The Synchronous Write (os/bio.c:166):

void
bwrite(bp)
	register struct buf *bp;
{
	register flag;

	sysinfo.lwrite++;
	flag = bp->b_flags;
	bp->b_flags &= ~(B_READ | B_DONE | B_ERROR | B_DELWRI);
	u.u_iow++;
	sysinfo.bwrite++;
	(*bdevsw[getmajor(bp->b_edev)].d_strategy)(bp);
	if ((flag & B_ASYNC) == 0) {
		(void) biowait(bp);
		brelse(bp);
	} else
		basyncnt++;
}

The function clears any lingering flags, invokes the device strategy routine to begin the write, and, unless the B_ASYNC flag is set, it waits for completion with biowait() before finally releasing the buffer with brelse().

More interesting is the case of the delayed write, invoked via bdwrite(). In this scenario, the process tells the librarian, “I have updated this block, but I may have more changes for it shortly. Do not trouble the disk runner just yet.” The librarian marks the buffer with the B_DELWRI flag and places it back on the available list. The physical write is deferred until the system is less busy, or until another process needs this specific buffer for a different purpose. This mechanism is a triumph of efficiency, consolidating multiple small writes into a single, larger I/O operation.


The Ghost of SVR4: A Unified Consciousness

My dear reader, the SVR4 buffer cache, a fine and noble apparatus, was a world unto itself. It was a cache for block devices, distinct and separate from the memory used for file pages. This duality was its defining feature and, in time, its obsolescence. A file’s data might exist in the page cache for mapping into a process’s address space, and also in the buffer cache if read via the read() system call. This redundancy, this double-caching, was a waste of our most precious resource: memory.

Modern Contrast (2026): By the year 2026, the very notion of a separate buffer cache has been relegated to the historical archives. The Linux kernel, for instance, employs a unified page cache. There is but one library. When a block is read from a disk, it enters the page cache. If a process read()s the file, the data is copied from the page cache to the user’s buffer. If a process mmap()s the file, the very same pages are mapped directly into its address space. There is no duplication.

Furthermore, the simple, doubly-linked lists for hashing and free management have been supplanted by far more sophisticated structures. Linux employs radix trees to track a file’s pages and highly advanced I/O schedulers (such as Budget Fair Queueing) that go far beyond our simple disksort elevator algorithm. These schedulers can prioritize interactive requests, merge adjacent requests, and ensure fairness among many competing processes. The struct buf has been replaced by the struct bio, a far more abstract representation of a block I/O request that can describe a collection of non-contiguous memory pages (a “scatter-gather list”) to be transferred in a single operation.
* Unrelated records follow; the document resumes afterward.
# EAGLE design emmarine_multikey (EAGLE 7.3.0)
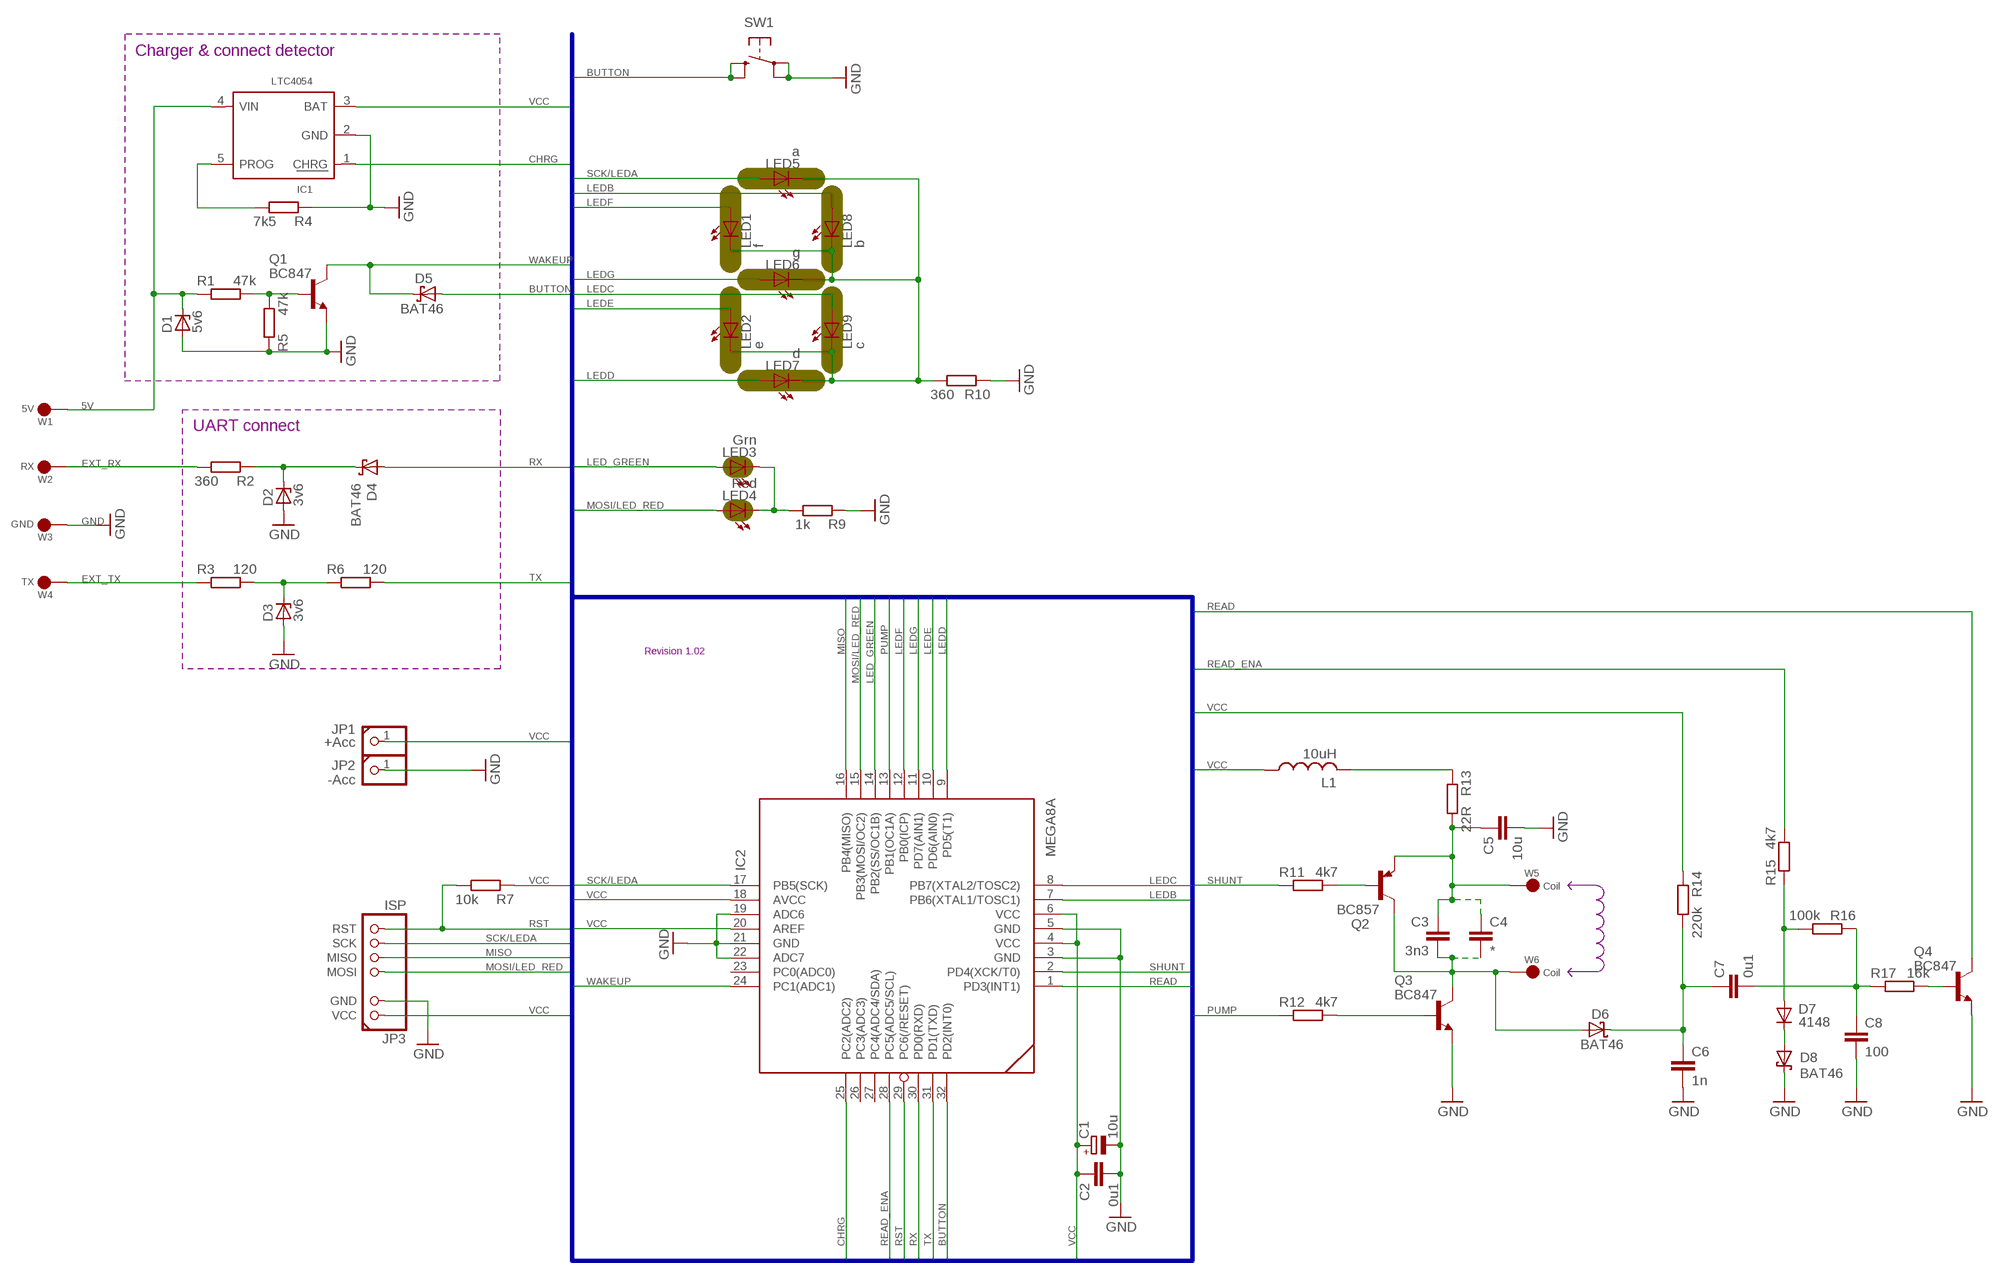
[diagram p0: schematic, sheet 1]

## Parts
C1  10u  CPOL-EUSMCA  [SMC_A]
C2  0u1  C-EUC0805T  [C0805T]
C3  3n3  C-EU050-025X075  [C050-025X075]
C4  *  C-EUC0805T  [C0805T]
C5  10u  C-EUC0805T  [C0805T]
C6  1n  C-EUC0805T  [C0805T]
C7  0u1  C-EUC0805T  [C0805T]
C8  100  C-EUC0805T  [C0805T]
D1  5v6  ZENER-DIODESOD80C  [SOD80C]
D2  3v6  ZENER-DIODESOD80C  [SOD80C]
D3  3v6  ZENER-DIODESOD80C  [SOD80C]
D4  BAT46  SCHOTTKY-DIODESOD80-R  [SOD80-R]
D5  BAT46  SCHOTTKY-DIODESOD80-R  [SOD80-R]
D6  BAT46  SCHOTTKY-DIODESOD80-R  [SOD80-R]
D7  4148  1N4148SMD  [SOD80-R]
D8  BAT46  SCHOTTKY-DIODESOD80-R  [SOD80-R]
IC1  LTC4054  [SOT23-5]
IC2  MEGA8A  MEGA8(TQFP)-AI  [TQFP32-08]
JP1  +Acc  CONN1X1/R  [1X01ROUND]
JP2  -Acc  CONN1X1/R  [1X01ROUND]
JP3  ISP  CONN1X7(2+4)_ISP+/P/NI  [1X07_ISP+POINTS_NO_INF]
L1  10uH  L-USL1210  [L1210]
LED1  f  LED0603  [CHIPLED_0603]
LED2  e  LED0603  [CHIPLED_0603]
LED3  Grn  LED0603  [CHIPLED_0603]
LED4  Red  LED0603  [CHIPLED_0603]
LED5  a  LED0603  [CHIPLED_0603]
LED6  g  LED0603  [CHIPLED_0603]
LED7  d  LED0603  [CHIPLED_0603]
LED8  b  LED0603  [CHIPLED_0603]
LED9  c  LED0603  [CHIPLED_0603]
Q1  BC847  [SOT23_THIN]
Q2  BC857  [SOT23_THIN]
Q3  BC847  [SOT23_THIN]
Q4  BC847  [SOT23_THIN]
R1  47k  R-EU_R0805T  [R0805T]
R2  360  R-EU_R0805T  [R0805T]
R3  120  R-EU_R0805T  [R0805T]
R4  7k5  R-EU_R0805T  [R0805T]
R5  47k  R-EU_R0805T  [R0805T]
R6  120  R-EU_R0805T  [R0805T]
R7  10k  R-EU_R0805T  [R0805T]
R9  1k  R-EU_R0805T  [R0805T]
R10  360  R-EU_R0805T  [R0805T]
R11  4k7  R-EU_R0805T  [R0805T]
R12  4k7  R-EU_R0805T  [R0805T]
R13  22R  R-EU_R0805T  [R0805T]
R14  220k  R-EU_R0805T  [R0805T]
R15  4k7  R-EU_R0805T  [R0805T]
R16  100k  R-EU_R0805T  [R0805T]
R17  16k  R-EU_R0805T  [R0805T]
SW1  TACT_BUTTON24.2X3.5  [BUTTON_SMD_4.2X3.5]
W1  5V  SIMPLE_WIRE/R2  [SIMPLE_WIRE_R2]
W2  RX  SIMPLE_WIRE/R2  [SIMPLE_WIRE_R2]
W3  GND  SIMPLE_WIRE/R2  [SIMPLE_WIRE_R2]
W4  TX  SIMPLE_WIRE/R2  [SIMPLE_WIRE_R2]
W5  Coil  SIMPLE_WIRE/R  [SIMPLE_WIRE_R]
W6  Coil  SIMPLE_WIRE/R  [SIMPLE_WIRE_R]

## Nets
5V: D1.C IC1.4(VIN) R1.1 W1.WIRE
BUTTON: D5.A IC2.32(PD2(INT0)) SW1.S SW1.S@1(S)
CHRG: IC1.1(CHRG) IC2.25(PC2(ADC2))
COIL: C3.2 C4.2 D6.A Q2.3(C) Q3.3(C) W6.WIRE
EXT_RX: R2.2 W2.WIRE
EXT_TX: R3.1 W4.WIRE
GND: C1.- C2.2 C5.2 C6.2 C8.2 D1.A D2.A D3.A D8.C IC1.2(GND) IC2.3(GND) IC2.5(GND) IC2.19(ADC6) IC2.21(GND) IC2.22(ADC7) JP2.1 JP3.GND Q1.2(E) Q3.2(E) Q4.2(E) R4.1 R5.1 R9.1 R10.1 SW1.P SW1.P@1(P) W3.WIRE
LED_GREEN: IC2.14(PB2(SS/OC1B)) LED3.A
LEDB: IC2.7(PB6(XTAL1/TOSC1)) LED8.A
LEDC: IC2.8(PB7(XTAL2/TOSC2)) LED9.A
LEDD: IC2.9(PD5(T1)) LED7.A
LEDE: IC2.10(PD6(AIN0)) LED2.A
LEDF: IC2.12(PB0(ICP)) LED1.A
LEDG: IC2.11(PD7(AIN1)) LED6.A
MISO: IC2.16(PB4(MISO)) JP3.MISO
MOSI/LED_RED: IC2.15(PB3(MOSI/OC2)) JP3.MOSI LED4.A
N$1: C6.1 C7.1 D6.C R14.2
N$2: D3.C R3.2 R6.1
N$3: Q2.1(B) R11.2
N$4: Q3.1(B) R12.2
N$5: Q1.1(B) R1.2 R5.2
N$6: D2.C D4.C R2.1
N$7: LED1.C LED2.C LED5.C LED6.C LED7.C LED8.C LED9.C R10.2
N$9: L1.2 R13.1
N$10: LED3.C LED4.C R9.2
N$11: C3.1 C4.1 C5.1 Q2.2(E) R13.2 W5.WIRE
N$12: IC1.5(PROG) R4.2
N$15: Q4.1(B) R17.2
N$16: C7.2 C8.1 R16.1 R17.1
N$17: D7.A R15.1 R16.2
N$18: D7.C D8.A
PUMP: IC2.13(PB1(OC1A)) R12.1
READ: IC2.1(PD3(INT1)) Q4.3(C)
READ_ENA: IC2.28(PC5(ADC5/SCL)) R15.2
RST: IC2.29(PC6(/RESET)) JP3.RST R7.2
RX: D4.A IC2.30(PD0(RXD))
SCK/LEDA: IC2.17(PB5(SCK)) JP3.SCK LED5.A
SHUNT: IC2.2(PD4(XCK/T0)) R11.1
TX: IC2.31(PD1(TXD)) R6.2
VCC: C1.+ C2.1 IC1.3(BAT) IC2.4(VCC) IC2.6(VCC) IC2.18(AVCC) IC2.20(AREF) JP1.1 JP3.+5V(VCC) L1.1 R7.1 R14.1
WAKEUP: D5.C IC2.24(PC1(ADC1)) Q1.3(C)
Unconnected: IC2.23(PC0(ADC0)) IC2.26(PC3(ADC3)) IC2.27(PC4(ADC4/SDA))

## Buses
VCC,MOSI/LED_RED,MISO,SCK/LEDA,RST,RX,RX_UP,TX,PUMP,SHUNT,READ,READ_ENA,LEDB,LEDC,LEDD,LEDE,LEDF,LEDG,LED_GREEN,BUTTON,WAKEUP,CHRG

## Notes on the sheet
- Charger & connect detector
- UART connect
- Revision 1.02

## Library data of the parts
C1 = rcl:CPOL-EU: POLARIZED CAPACITOR, European symbol
C2-C8 = rcl:C-EU: CAPACITOR, European symbol
D1-D3 = diode:ZENER-DIODE: Z-Diode
D4-D6 D8 = diode:SCHOTTKY-DIODE: Schottky Diode
D7 = diode:1N4148: DIODE
IC1 = v-reg-AL:LTC4054
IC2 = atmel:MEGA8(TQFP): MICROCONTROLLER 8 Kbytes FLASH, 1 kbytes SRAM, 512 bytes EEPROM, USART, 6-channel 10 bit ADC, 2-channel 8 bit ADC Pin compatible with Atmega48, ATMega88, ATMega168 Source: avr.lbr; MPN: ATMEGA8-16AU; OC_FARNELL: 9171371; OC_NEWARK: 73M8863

The soul of my buffer cache lives on, but its form has evolved into a far more integrated and conscious entity.



Conclusion: The Enduring Value of the Cache

The Block I/O subsystem’s buffer cache, our metaphorical lending library, stands as a testament to a foundational principle of computing: the profound and inescapable disparity between the speed of the processor and the mechanical languor of the disk. By maintaining a small, intelligently managed collection of frequently used data blocks in fast memory, the kernel mitigates this disparity with remarkable effectiveness.

The mechanisms of getblk, bread, and bwrite, governed by the state chronicled in the struct buf ledger, form a complete system for the efficient mediation of data. Whether it is retrieving a block with the speed of a cache hit or deferring a write to a more opportune moment, the buffer cache ensures that the kernel’s voracious need for data is met with decorum and dispatch, preventing the entire system from being bogged down in the muddy slowness of the physical disk. It is a simple, elegant, and utterly essential piece of civic infrastructure in the metropolis of the kernel.